The Herald (Harare)

19 July 2014

Zimbabwe: Courts Issue Conflicting Judgments On Workers' Strike

Two different courts yesterday issued conflicting judgments on the Chitungwiza municipality workers' strike, with the High Court ruling in favour of the Government's show cause order to stop the strike, while the Labour Court ruled in favour of the workers.

This added more confusion to the strike, as the workers were left holding on to two opposing judgments on the legality of the strike that has paralysed operations in the town. High Court judge Justice David Mangota dismissed the urgent application by the Zimbabwe Urban Councils Union (ZUCWU) to declare the show cause order a nullity. He heard the application sitting in his chambers and felt that the ZUCWU approached the court to seek its assistance to break the law since according to the papers before him, the industrial action was illegal.

To express the court's displeasure, Justice Mangota dismissed the case with costs at higher scale. While the High Court was deciding on the matter, the Labour Court issued its ruling in favour of the ZUCWU and nullified the show cause orders that were issued by two ministers to end the strike.

This was after ZUCWU lawyer Mr George Mboko raised a preliminary point attacking the two show cause orders that were issued by two different ministers. The main argument was that the first show cause order was not issued and signed by the responsible Minister of Labour, Public Service and Social Welfare Nicholas Goche.

It was instead signed by Health and Child Care Minister Dr David Parirenyatwa because Minister Goche was out of town on business in Victoria Falls. It was also ruled by the Labour Court that the second show cause order issued by Minister Goche was a non-event as at July 10.

Labour Court judge Justice Gladys Mhuri said after considering submissions by both parties' lawyers and the papers filed of record, the court found that the show cause orders were a nullity.
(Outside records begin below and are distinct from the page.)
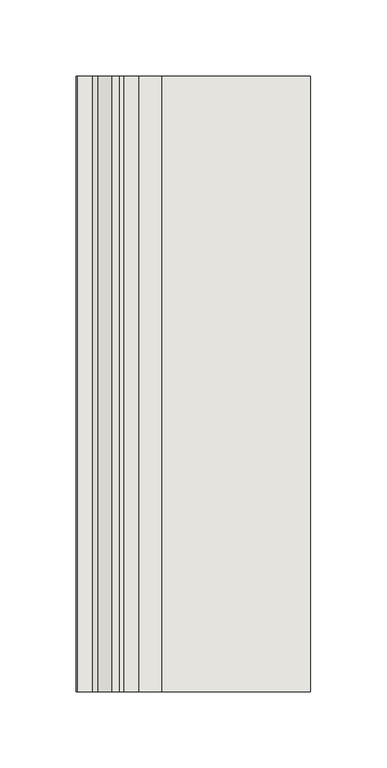
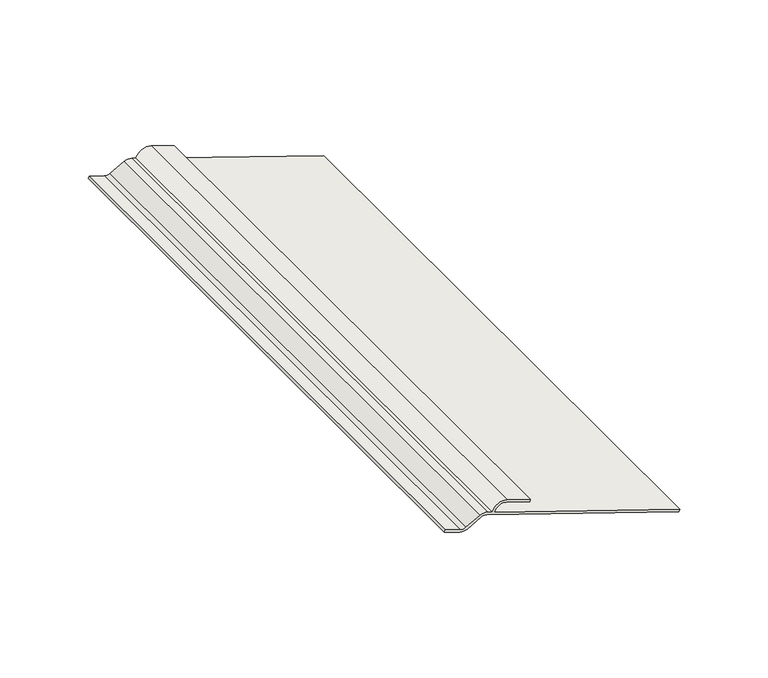
"""IFC4 building model written with IfcOpenShell, lengths in millimetres: wall geometry, BACKUP PLATE1 : BACKUP PLATE."""

from ifc_helpers import new_model, si_unit, point, frame, frame_2d, origin, place, context, project, spatial, polyline, circle_curve, trimmed, segment, composite_curve, outline, extrude, source, transform, mapped, element, save


def wall_27a8e094(model_context):
    return source(origin(), model_context, "Body", "SweptSolid", [
        extrude(outline(composite_curve([segment(polyline([(5867.3970481, 21484.547274), (5862.1682866, 21475.1350339)]), True, "CONTINUOUS"), segment(trimmed(circle_curve(frame_2d((5866.4307872, 21473.0107705)), 4.7625), [point((5862.1682866, 21475.1350339))], [point((5861.9146631, 21471.4988085))], True, "CARTESIAN"), True, "CONTINUOUS"), segment(polyline([(5861.9146631, 21471.4988085), (5865.2429702, 21461.5573895), (5863.8026277, 21461.0751744), (5860.4743205, 21471.0165934)]), True, "CONTINUOUS"), segment(trimmed(circle_curve(frame_2d((5866.4307872, 21473.0107705)), 6.28142), [point((5860.4743205, 21471.0165934))], [point((5860.8088331, 21475.8125323))], False, "CARTESIAN"), True, "CONTINUOUS"), segment(polyline([(5860.8088331, 21475.8125323), (5866.0375946, 21485.2247724)]), True, "CONTINUOUS"), segment(trimmed(circle_curve(frame_2d((5861.775094, 21487.3490358)), 4.7625), [point((5866.0375946, 21485.2247724))], [point((5866.2912181, 21488.8609978))], True, "CARTESIAN"), True, "CONTINUOUS"), segment(polyline([(5866.2912181, 21488.8609978), (5824.2479322, 21614.4413314), (5825.6882747, 21614.9235465), (5866.2781075, 21493.684575)]), True, "CONTINUOUS"), segment(trimmed(circle_curve(frame_2d((5864.3329451, 21499.7810134)), 6.3992358), [point((5866.2781075, 21493.684575))], [point((5870.4604125, 21501.6261043))], True, "CARTESIAN"), True, "CONTINUOUS"), segment(polyline([(5870.4604125, 21501.6261043), (5865.3987668, 21516.7448835), (5866.8391093, 21517.2270986), (5871.9007551, 21502.1083194)]), True, "CONTINUOUS"), segment(trimmed(circle_curve(frame_2d((5864.4121733, 21499.7610302)), 7.8478419), [point((5871.9007551, 21502.1083194))], [point((5866.7516902, 21492.2700167))], False, "CARTESIAN"), True, "CONTINUOUS"), segment(polyline([(5866.7516902, 21492.2700167), (5867.7315606, 21489.3432129)]), True, "CONTINUOUS"), segment(trimmed(circle_curve(frame_2d((5861.775094, 21487.3490358)), 6.28142), [point((5867.7315606, 21489.3432129))], [point((5867.3970481, 21484.547274))], False, "CARTESIAN"), True, "CONTINUOUS")], self_intersect=False)), frame((0.0, -1256.0384634, 0.0), z_axis=(0.0, 1.0, 0.0), x_axis=(0.0, 0.0, 1.0)), (0.0, 0.0, 1.0), 403.4547326),
    ])


if __name__ == "__main__":
    model = new_model("IFC4")
    model_context = context("Model", 3, world=origin())
    ifc_project = project(units=[si_unit("LENGTHUNIT", "METRE", prefix="MILLI")], contexts=[model_context])
    site = spatial("IfcSite", under=ifc_project)
    building = spatial("IfcBuilding", under=site)
    placement = place(None, origin())
    wall_shape = wall_27a8e094(model_context)
    element("IfcWall", 1, ObjectType="BACKUP PLATE1 : BACKUP PLATE", at=placement, inside=building, context=model_context, shape_type="MappedRepresentation", body=[
        mapped(wall_shape, transform((0.0, 0.0, 0.0), x_axis=(1.0, 0.0, 0.0), y_axis=(0.0, 1.0, 0.0), z_axis=(0.0, 0.0, 1.0))),
    ])
    save(model, "model.ifc")

# Revit data of these elements
# Element 1 (IfcWall, "BACKUP PLATE1 : BACKUP PLATE")
#   Materials on its faces: "BACKUP PLATE"
# Materials
#   "BACKUP PLATE": class "Generic", colour RGB 195 195 195, transparency 0, Cost = 0

Chitungwiza municipal lawyer Mr Rodgers Matsikidze argued that a Minister could sign on behalf of another if it was an emergency.

"If Minister Parirenyatwa was authorised to issue and sign the show cause order, why then would Minister Goche issue and sign another order, more so on the same day," asked Justice Mhuri.

Justice Mhuri ruled that the second show cause order was a nullity as it was based on papers containing recommendations which were signed by the same official.

Justices Betty Chidziva and Rodgers Manyangadze concurred with the ruling.

Mr Mboko argued that the strike was ended by a defective order and that Minister Goche's order was an afterthought that could have been issued some four or five days later. On that basis, Mr Mboko argued that the proceedings to dispose of the strike should be terminated without hearing arguments on the merits.

But Mr Matsikidze argued that the orders were issued the same day and that there was no basis for the allegations that the order by Minister Goche was issued days later.

He argued that Minister Parirenyatwa was the Acting Minister of Labour in the absence of Minister Goche and that he had authority to sign on his behalf.

But the court queried the existence of the two show cause orders by two different ministers on the same day.